======== Material provided
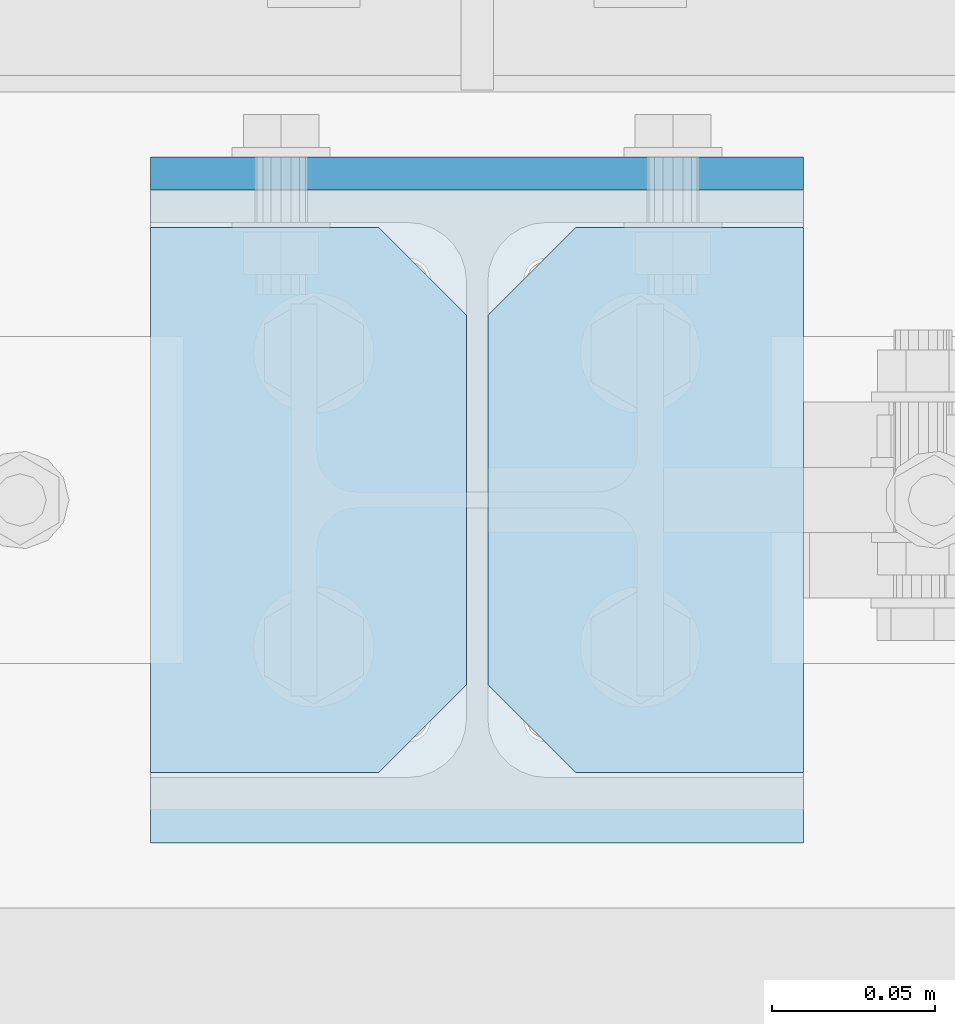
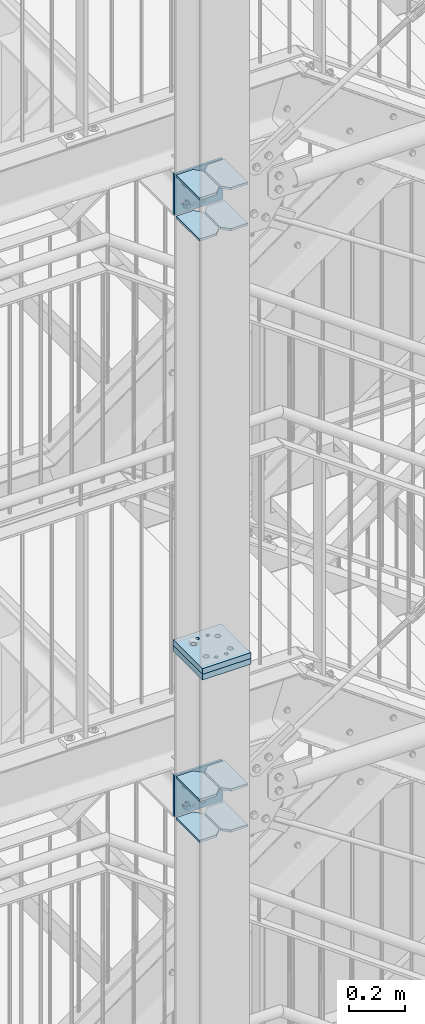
# One storey, part 155 of 831: 12 plates, 48 openings.
"""IFC2X3 building model written with IfcOpenShell, lengths in millimetres."""

import ifcopenshell
import ifcopenshell.guid

model = None  # the IFC model being written
_history = None  # IfcOwnerHistory: only IFC2X3 demands one
_inside = {}  # id of a spatial element -> (the spatial element, [elements in it])
_under = {}  # id of a project, library or spatial element -> (it, [spatial elements below it])
_declared = {}  # id of a project -> (the project, [libraries it declares])
_typed = {}  # id of a type object -> (the type object, [elements of that type])
_made_of = {}  # id of a material, layer set ... -> (it, [elements and type objects made of it])


def new_model(schema):
    """Start an empty IFC model of exactly this schema.

    Asked for "IFC4X3", IfcOpenShell would pick the latest addendum, in which some entities
    have other attributes; the version numbers below select the first issue.
    IFC2X3 requires an IfcOwnerHistory on every rooted entity: one is made here for all.
    """
    global model, _history
    if schema == "IFC4X3":
        model = ifcopenshell.file(schema_version=(4, 3, 0, 0))
    else:
        model = ifcopenshell.file(schema=schema)
    _inside.clear()
    _under.clear()
    _declared.clear()
    _typed.clear()
    _made_of.clear()
    _history = None
    if model.schema == "IFC2X3":
        org = make("IfcOrganization", Name="unknown")
        user = make(
            "IfcPersonAndOrganization",
            ThePerson=make("IfcPerson", FamilyName="unknown"),
            TheOrganization=org,
        )
        app = make(
            "IfcApplication",
            ApplicationDeveloper=org,
            Version="unknown",
            ApplicationFullName="unknown",
            ApplicationIdentifier="unknown",
        )
        _history = make(
            "IfcOwnerHistory",
            OwningUser=user,
            OwningApplication=app,
            ChangeAction="ADDED",
            CreationDate=0,
        )
    return model


def make(cls, **values):
    """One entity of the class cls with the attributes given. An attribute that is None is left unset."""
    return model.create_entity(
        cls, **{name: value for name, value in values.items() if value is not None}
    )


def entity(cls, *values):
    """Any entity or typed value of the class cls, its attributes in the order of the schema. None: left unset."""
    e = model.create_entity(cls)
    for i, value in enumerate(values):
        if value is not None:
            e[i] = value
    return e


def rooted(cls, **values):
    """An entity with a GlobalId (a new one), such as an element, a storey or a relation."""
    return make(cls, GlobalId=ifcopenshell.guid.new(), OwnerHistory=_history, **values)


def si_unit(unit_type, name, prefix=None):
    """IfcSIUnit, for example si_unit("LENGTHUNIT", "METRE", prefix="MILLI")."""
    return make("IfcSIUnit", UnitType=unit_type, Prefix=prefix, Name=name)


def converted_unit(unit_type, name, factor, base, dimensions=None, offset=None):
    """IfcConversionBasedUnit, such as the inch: factor (a typed value) times the base unit."""
    return make(
        "IfcConversionBasedUnit"
        if offset is None
        else "IfcConversionBasedUnitWithOffset",
        ConversionOffset=offset,
        Dimensions=None
        if dimensions is None
        else entity("IfcDimensionalExponents", *dimensions),
        UnitType=unit_type,
        Name=name,
        ConversionFactor=make(
            "IfcMeasureWithUnit", ValueComponent=factor, UnitComponent=base
        ),
    )


def assignment(units):
    """IfcUnitAssignment: the units of a project."""
    return None if units is None else make("IfcUnitAssignment", Units=units)


def point(xyz):
    """IfcCartesianPoint."""
    return None if xyz is None else make("IfcCartesianPoint", Coordinates=xyz)


def direction(xyz):
    """IfcDirection."""
    return None if xyz is None else make("IfcDirection", DirectionRatios=xyz)


def frame(location, z_axis=None, x_axis=None):
    """IfcAxis2Placement3D, a coordinate frame: its origin and axes. An axis left out is left unset."""
    return make(
        "IfcAxis2Placement3D",
        Location=point(location),
        Axis=direction(z_axis),
        RefDirection=direction(x_axis),
    )


def frame_2d(location, x_axis=None):
    """IfcAxis2Placement2D, a coordinate frame in the plane: its origin and x axis."""
    return make(
        "IfcAxis2Placement2D", Location=point(location), RefDirection=direction(x_axis)
    )


def origin():
    """The frame at (0, 0, 0) with its axes left unset."""
    return frame((0.0, 0.0, 0.0))


def origin_with_axes():
    """The frame at (0, 0, 0) with the z axis (0, 0, 1) and the x axis (1, 0, 0) written out."""
    return frame((0.0, 0.0, 0.0), z_axis=(0.0, 0.0, 1.0), x_axis=(1.0, 0.0, 0.0))


def origin_2d_with_axis():
    """The frame at (0, 0) in the plane with the x axis (1, 0) written out."""
    return frame_2d((0.0, 0.0), x_axis=(1.0, 0.0))


def place(relative_to, where):
    """IfcLocalPlacement: puts the frame where relative to a parent placement (None: the world)."""
    return make(
        "IfcLocalPlacement", PlacementRelTo=relative_to, RelativePlacement=where
    )


def context(
    kind, dimensions, precision=None, world=None, true_north=None, identifier=None
):
    """IfcGeometricRepresentationContext, for example the 3D "Model" context."""
    return make(
        "IfcGeometricRepresentationContext",
        ContextIdentifier=identifier,
        ContextType=kind,
        CoordinateSpaceDimension=dimensions,
        Precision=precision,
        WorldCoordinateSystem=world,
        TrueNorth=true_north,
    )


def project(units=None, contexts=None):
    """IfcProject with its units and contexts."""
    return rooted(
        "IfcProject",
        Name="project",
        RepresentationContexts=contexts,
        UnitsInContext=assignment(units),
    )


def spatial(cls, under=None, at=None, **own):
    """A site, building, storey or space (cls), placed at a placement, below another one or the project."""
    s = rooted(cls, ObjectPlacement=at, **own)
    if under is not None:
        _under.setdefault(under.id(), (under, []))[1].append(s)
    return s


def polyline(points):
    """IfcPolyline through the points."""
    return make("IfcPolyline", Points=[point(p) for p in points])


def profile(cls, at=None, kind="AREA", **sizes):
    """A parametric profile (cls). Its sizes go by their IFC names, for example OverallWidth=200.0."""
    return make(cls, ProfileType=kind, Position=at, **sizes)


def circle(**sizes):
    """IfcCircleProfileDef."""
    return profile("IfcCircleProfileDef", **sizes)


def outline(outer, holes=None, kind="AREA"):
    """IfcArbitraryClosedProfileDef: a profile drawn as a closed curve; with holes, ...WithVoids."""
    if holes is None:
        return make("IfcArbitraryClosedProfileDef", ProfileType=kind, OuterCurve=outer)
    return make(
        "IfcArbitraryProfileDefWithVoids",
        ProfileType=kind,
        OuterCurve=outer,
        InnerCurves=holes,
    )


def extrude(swept, where, along, depth):
    """IfcExtrudedAreaSolid: the profile swept, set in the frame where, extruded along a direction by depth."""
    return make(
        "IfcExtrudedAreaSolid",
        SweptArea=swept,
        Position=where,
        ExtrudedDirection=direction(along),
        Depth=depth,
    )


def shape(context_of_items, identifier, shape_type, items):
    """IfcShapeRepresentation: the items that make up one representation, for example the "Body"."""
    return make(
        "IfcShapeRepresentation",
        ContextOfItems=context_of_items,
        RepresentationIdentifier=identifier,
        RepresentationType=shape_type,
        Items=items,
    )


def material(Name=None, Category=None):
    """IfcMaterial."""
    return make("IfcMaterial", Name=Name, Category=Category)


def layer(
    of_material, thickness, ventilated=None, Name=None, Category=None, Priority=None
):
    """IfcMaterialLayer: one layer of a wall or slab, of a material (None: an air gap)."""
    return make(
        "IfcMaterialLayer",
        Material=of_material,
        LayerThickness=thickness,
        IsVentilated=ventilated,
        Name=Name,
        Category=Category,
        Priority=Priority,
    )


def layer_set(layers, Name=None):
    """IfcMaterialLayerSet."""
    return make("IfcMaterialLayerSet", MaterialLayers=layers, LayerSetName=Name)


def made_of(thing, what):
    """Note that an element or type object is made of a material, layer set ...; save() writes the relation."""
    if what is not None:
        _made_of.setdefault(what.id(), (what, []))[1].append(thing)
    return thing


def element(
    cls,
    number,
    at=None,
    inside=None,
    cuts=None,
    type_object=None,
    material=None,
    context=None,
    identifier="Body",
    shape_type=None,
    held_by="IfcProductDefinitionShape",
    body=None,
    shapes=None,
    **own,
):
    """One element of the class cls, such as IfcWall. Its Tag is "e" and its number.

    at: its placement. inside: the storey or other place that contains it. cuts: it is an
    opening in that element (IfcRelVoidsElement). A single representation is given by context,
    identifier, shape_type and body (its items); several are given by shapes. held_by: the class
    of the entity that holds the representations. save() writes the other relations.
    """
    e = rooted(cls, Tag="e%d" % number, ObjectPlacement=at, **own)
    if body is not None:
        shapes = [shape(context, identifier, shape_type, body)]
    if shapes is not None:
        e.Representation = make(held_by, Representations=shapes)
    if inside is not None:
        _inside.setdefault(inside.id(), (inside, []))[1].append(e)
    if cuts is not None:
        rooted(
            "IfcRelVoidsElement", RelatingBuildingElement=cuts, RelatedOpeningElement=e
        )
    if type_object is not None:
        _typed.setdefault(type_object.id(), (type_object, []))[1].append(e)
    return made_of(e, material)


def aggregate(whole, parts):
    """IfcRelAggregates: a whole, such as a stair, and the parts it consists of."""
    return rooted("IfcRelAggregates", RelatingObject=whole, RelatedObjects=parts)


def save(model, path):
    """Write the relations noted so far, then the file.

    IfcRelAggregates (storeys below a building ...), IfcRelContainedInSpatialStructure (elements
    in a storey), IfcRelDefinesByType, IfcRelAssociatesMaterial and IfcRelDeclares: one each for
    every whole, place, type object, material and project.
    """
    for whole, parts in _under.values():
        aggregate(whole, parts)
    for where, things in _inside.values():
        rooted(
            "IfcRelContainedInSpatialStructure",
            RelatedElements=things,
            RelatingStructure=where,
        )
    for kind, things in _typed.values():
        rooted("IfcRelDefinesByType", RelatedObjects=things, RelatingType=kind)
    for what, things in _made_of.values():
        rooted("IfcRelAssociatesMaterial", RelatedObjects=things, RelatingMaterial=what)
    for by, libraries in _declared.values():
        rooted("IfcRelDeclares", RelatingContext=by, RelatedDefinitions=libraries)
    model.write(path)


model = new_model("IFC2X3")

# Units and contexts
model_context = context("Model", 3, precision=1e-09, world=origin_with_axes())
ifc_project = project(units=[si_unit("LENGTHUNIT", "METRE", prefix="MILLI"), si_unit("AREAUNIT", "SQUARE_METRE"), si_unit("VOLUMEUNIT", "CUBIC_METRE"), converted_unit("PLANEANGLEUNIT", "DEGREE", entity("IfcPlaneAngleMeasure", 0.01745329), si_unit("PLANEANGLEUNIT", "RADIAN"), dimensions=[0, 0, 0, 0, 0, 0, 0])], contexts=[model_context])

# Site, building, storey
site_placement = place(None, origin_with_axes())
site = spatial("IfcSite", under=ifc_project, at=site_placement, Name="Site", CompositionType="ELEMENT")
building_placement = place(site_placement, origin_with_axes())
building = spatial("IfcBuilding", under=site, at=building_placement, Name="Struktur 1", CompositionType="ELEMENT")
storey_placement = place(building_placement, origin_with_axes())
storey = spatial("IfcBuildingStorey", under=building, at=storey_placement, Name="Default Storey", CompositionType="ELEMENT", Elevation=0.0)

# Plate, openings
ifc_material = material(Name="S235JR")
ifc_layer_1 = layer(ifc_material, 10.0)
ifc_layer_set_1 = layer_set([ifc_layer_1], Name="S235JR")
plate_1_placement = place(None, frame((4856.713402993, 4471.736971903, 12244.0), z_axis=(0.0, -1.0, 0.0), x_axis=(0.0, 0.0, -1.0)))
plate_1 = element("IfcPlate", 1, at=plate_1_placement, inside=storey, material=ifc_layer_set_1, Name="Endplate", ObjectType="Endplate", context=model_context, shape_type="SweptSolid", body=[
    extrude(outline(polyline([(-90.0, -100.0), (90.0, -100.0), (90.0, 100.0), (-90.0, 100.0), (-90.0, -100.0)])), origin_with_axes(), (0.0, 0.0, 1.0), 10.0),
])
opening_1_placement = place(plate_1_placement, frame((-67.0, -21.25, 10.5), z_axis=(0.0, 0.0, -1.0), x_axis=(1.0, 0.0, 0.0)))
element("IfcOpeningElement", 2, at=opening_1_placement, cuts=plate_1, ObjectType="Opening", context=model_context, shape_type="SweptSolid", body=[
    extrude(circle(Radius=6.001, at=origin_2d_with_axis()), origin(), (0.0, 0.0, 1.0), 11.0),
])
opening_2_placement = place(plate_1_placement, frame((67.0, -21.25, 10.5), z_axis=(0.0, 0.0, -1.0), x_axis=(1.0, 0.0, 0.0)))
element("IfcOpeningElement", 3, at=opening_2_placement, cuts=plate_1, ObjectType="Opening", context=model_context, shape_type="SweptSolid", body=[
    extrude(circle(Radius=6.001, at=origin_2d_with_axis()), origin(), (0.0, 0.0, 1.0), 11.0),
])
opening_3_placement = place(plate_1_placement, frame((67.0, 21.25, 10.5), z_axis=(0.0, 0.0, -1.0), x_axis=(1.0, 0.0, 0.0)))
element("IfcOpeningElement", 4, at=opening_3_placement, cuts=plate_1, ObjectType="Opening", context=model_context, shape_type="SweptSolid", body=[
    extrude(circle(Radius=6.001, at=origin_2d_with_axis()), origin(), (0.0, 0.0, 1.0), 11.0),
])
opening_4_placement = place(plate_1_placement, frame((-67.0, 21.25, 10.5), z_axis=(0.0, 0.0, -1.0), x_axis=(1.0, 0.0, 0.0)))
element("IfcOpeningElement", 5, at=opening_4_placement, cuts=plate_1, ObjectType="Opening", context=model_context, shape_type="SweptSolid", body=[
    extrude(circle(Radius=6.001, at=origin_2d_with_axis()), origin(), (0.0, 0.0, 1.0), 11.0),
])
opening_5_placement = place(plate_1_placement, frame((-45.0, -60.0, 10.5), z_axis=(0.0, 0.0, -1.0), x_axis=(0.0, -1.0, 0.0)))
element("IfcOpeningElement", 6, at=opening_5_placement, cuts=plate_1, ObjectType="Opening", context=model_context, shape_type="SweptSolid", body=[
    extrude(circle(Radius=9.001, at=origin_2d_with_axis()), origin(), (0.0, 0.0, 1.0), 11.0),
])
opening_6_placement = place(plate_1_placement, frame((-45.0, 60.0, 10.5), z_axis=(0.0, 0.0, -1.0), x_axis=(0.0, 1.0, 0.0)))
element("IfcOpeningElement", 7, at=opening_6_placement, cuts=plate_1, ObjectType="Opening", context=model_context, shape_type="SweptSolid", body=[
    extrude(circle(Radius=9.001, at=origin_2d_with_axis()), origin(), (0.0, 0.0, 1.0), 11.0),
])
opening_7_placement = place(plate_1_placement, frame((45.0, 60.0, 10.5), z_axis=(0.0, 0.0, -1.0), x_axis=(0.0, 1.0, 0.0)))
element("IfcOpeningElement", 8, at=opening_7_placement, cuts=plate_1, ObjectType="Opening", context=model_context, shape_type="SweptSolid", body=[
    extrude(circle(Radius=9.001, at=origin_2d_with_axis()), origin(), (0.0, 0.0, 1.0), 11.0),
])
opening_8_placement = place(plate_1_placement, frame((45.0, -60.0, 10.5), z_axis=(0.0, 0.0, -1.0), x_axis=(0.0, -1.0, 0.0)))
element("IfcOpeningElement", 9, at=opening_8_placement, cuts=plate_1, ObjectType="Opening", context=model_context, shape_type="SweptSolid", body=[
    extrude(circle(Radius=9.001, at=origin_2d_with_axis()), origin(), (0.0, 0.0, 1.0), 11.0),
])

plate_2_placement = place(None, frame((4956.713402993, 4450.236971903, 12329.0), z_axis=(0.0, 0.0, 1.0), x_axis=(-1.0, 0.0, 0.0)))
plate_2 = element("IfcPlate", 10, at=plate_2_placement, inside=storey, material=ifc_layer_set_1, Name="Stiffener#1", ObjectType="Stiffener#1", context=model_context, shape_type="SweptSolid", body=[
    extrude(outline(polyline([(0.0, 0.0), (96.75, 0.0), (96.75, 167.0), (0.0, 167.0), (0.0, 0.0)])), origin_with_axes(), (0.0, 0.0, 1.0), 10.0),
])
opening_9_placement = place(plate_2_placement, frame((0.0, 0.0, -0.01), z_axis=(0.0, 0.0, 1.0), x_axis=(1.0, 0.0, 0.0)))
element("IfcOpeningElement", 11, at=opening_9_placement, cuts=plate_2, ObjectType="Opening", context=model_context, shape_type="SweptSolid", body=[
    extrude(outline(polyline([(96.75, 167.0), (69.75, 167.0), (96.75, 140.0), (96.75, 167.0)])), origin(), (0.0, 0.0, 1.0), 10.02),
])
opening_10_placement = place(plate_2_placement, frame((0.0, 0.0, -0.01), z_axis=(0.0, 0.0, 1.0), x_axis=(1.0, 0.0, 0.0)))
element("IfcOpeningElement", 12, at=opening_10_placement, cuts=plate_2, ObjectType="Opening", context=model_context, shape_type="SweptSolid", body=[
    extrude(outline(polyline([(96.75, 0.0), (96.75, 27.0), (69.75, 0.0), (96.75, 0.0)])), origin(), (0.0, 0.0, 1.0), 10.02),
])

plate_3_placement = place(None, frame((4853.463402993, 4450.236971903, 12329.0), z_axis=(0.0, 0.0, 1.0), x_axis=(-1.0, 0.0, 0.0)))
plate_3 = element("IfcPlate", 13, at=plate_3_placement, inside=storey, material=ifc_layer_set_1, Name="Stiffener#2", ObjectType="Stiffener#2", context=model_context, shape_type="SweptSolid", body=[
    extrude(outline(polyline([(0.0, 0.0), (96.75, 0.0), (96.75, 167.0), (0.0, 167.0), (0.0, 0.0)])), origin_with_axes(), (0.0, 0.0, 1.0), 10.0),
])
opening_11_placement = place(plate_3_placement, frame((0.0, 0.0, -0.01), z_axis=(0.0, 0.0, 1.0), x_axis=(1.0, 0.0, 0.0)))
element("IfcOpeningElement", 14, at=opening_11_placement, cuts=plate_3, ObjectType="Opening", context=model_context, shape_type="SweptSolid", body=[
    extrude(outline(polyline([(0.0, 167.0), (0.0, 140.0), (27.0, 167.0), (0.0, 167.0)])), origin(), (0.0, 0.0, 1.0), 10.02),
])
opening_12_placement = place(plate_3_placement, frame((0.0, 0.0, -0.01), z_axis=(0.0, 0.0, 1.0), x_axis=(1.0, 0.0, 0.0)))
element("IfcOpeningElement", 15, at=opening_12_placement, cuts=plate_3, ObjectType="Opening", context=model_context, shape_type="SweptSolid", body=[
    extrude(outline(polyline([(0.0, 0.0), (27.0, 0.0), (0.0, 27.0), (0.0, 0.0)])), origin(), (0.0, 0.0, 1.0), 10.02),
])

plate_4_placement = place(None, frame((4859.963402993, 4450.236971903, 12159.0), z_axis=(0.0, 0.0, -1.0), x_axis=(1.0, 0.0, 0.0)))
plate_4 = element("IfcPlate", 16, at=plate_4_placement, inside=storey, material=ifc_layer_set_1, Name="Stiffener#3", ObjectType="Stiffener#3", context=model_context, shape_type="SweptSolid", body=[
    extrude(outline(polyline([(0.0, 0.0), (96.75, 0.0), (96.75, 167.0), (0.0, 167.0), (0.0, 0.0)])), origin_with_axes(), (0.0, 0.0, 1.0), 10.0),
])
opening_13_placement = place(plate_4_placement, frame((0.0, 0.0, -0.01), z_axis=(0.0, 0.0, 1.0), x_axis=(1.0, 0.0, 0.0)))
element("IfcOpeningElement", 17, at=opening_13_placement, cuts=plate_4, ObjectType="Opening", context=model_context, shape_type="SweptSolid", body=[
    extrude(outline(polyline([(0.0, 167.0), (0.0, 140.0), (27.0, 167.0), (0.0, 167.0)])), origin(), (0.0, 0.0, 1.0), 10.02),
])
opening_14_placement = place(plate_4_placement, frame((0.0, 0.0, -0.01), z_axis=(0.0, 0.0, 1.0), x_axis=(1.0, 0.0, 0.0)))
element("IfcOpeningElement", 18, at=opening_14_placement, cuts=plate_4, ObjectType="Opening", context=model_context, shape_type="SweptSolid", body=[
    extrude(outline(polyline([(0.0, 0.0), (27.0, 0.0), (0.0, 27.0), (0.0, 0.0)])), origin(), (0.0, 0.0, 1.0), 10.02),
])

plate_5_placement = place(None, frame((4756.713402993, 4450.236971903, 12159.0), z_axis=(0.0, 0.0, -1.0), x_axis=(1.0, 0.0, 0.0)))
plate_5 = element("IfcPlate", 19, at=plate_5_placement, inside=storey, material=ifc_layer_set_1, Name="Stiffener#4", ObjectType="Stiffener#4", context=model_context, shape_type="SweptSolid", body=[
    extrude(outline(polyline([(0.0, 0.0), (96.75, 0.0), (96.75, 167.0), (0.0, 167.0), (0.0, 0.0)])), origin_with_axes(), (0.0, 0.0, 1.0), 10.0),
])
opening_15_placement = place(plate_5_placement, frame((0.0, 0.0, -0.01), z_axis=(0.0, 0.0, 1.0), x_axis=(1.0, 0.0, 0.0)))
element("IfcOpeningElement", 20, at=opening_15_placement, cuts=plate_5, ObjectType="Opening", context=model_context, shape_type="SweptSolid", body=[
    extrude(outline(polyline([(96.75, 167.0), (69.75, 167.0), (96.75, 140.0), (96.75, 167.0)])), origin(), (0.0, 0.0, 1.0), 10.02),
])
opening_16_placement = place(plate_5_placement, frame((0.0, 0.0, -0.01), z_axis=(0.0, 0.0, 1.0), x_axis=(1.0, 0.0, 0.0)))
element("IfcOpeningElement", 21, at=opening_16_placement, cuts=plate_5, ObjectType="Opening", context=model_context, shape_type="SweptSolid", body=[
    extrude(outline(polyline([(96.75, 0.0), (96.75, 27.0), (69.75, 0.0), (96.75, 0.0)])), origin(), (0.0, 0.0, 1.0), 10.02),
])

plate_6_placement = place(None, frame((4856.713402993, 4471.736971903, 14879.0), z_axis=(0.0, -1.0, 0.0), x_axis=(0.0, 0.0, -1.0)))
plate_6 = element("IfcPlate", 22, at=plate_6_placement, inside=storey, material=ifc_layer_set_1, Name="Endplate", ObjectType="Endplate", context=model_context, shape_type="SweptSolid", body=[
    extrude(outline(polyline([(-90.0, -100.0), (90.0, -100.0), (90.0, 100.0), (-90.0, 100.0), (-90.0, -100.0)])), origin_with_axes(), (0.0, 0.0, 1.0), 10.0),
])
opening_17_placement = place(plate_6_placement, frame((-67.0, -21.25, 10.5), z_axis=(0.0, 0.0, -1.0), x_axis=(1.0, 0.0, 0.0)))
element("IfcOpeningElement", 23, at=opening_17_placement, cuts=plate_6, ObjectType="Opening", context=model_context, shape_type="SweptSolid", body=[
================
About this exercise: Print only the lines from the first line of the data above through the one containing "exactly this schema.", exactly as they are, with pictures omitted.

Answer area:
# One storey, part 155 of 831: 12 plates, 48 openings.
"""IFC2X3 building model written with IfcOpenShell, lengths in millimetres."""

import ifcopenshell
import ifcopenshell.guid

model = None  # the IFC model being written
_history = None  # IfcOwnerHistory: only IFC2X3 demands one
_inside = {}  # id of a spatial element -> (the spatial element, [elements in it])
_under = {}  # id of a project, library or spatial element -> (it, [spatial elements below it])
_declared = {}  # id of a project -> (the project, [libraries it declares])
_typed = {}  # id of a type object -> (the type object, [elements of that type])
_made_of = {}  # id of a material, layer set ... -> (it, [elements and type objects made of it])


def new_model(schema):
    """Start an empty IFC model of exactly this schema.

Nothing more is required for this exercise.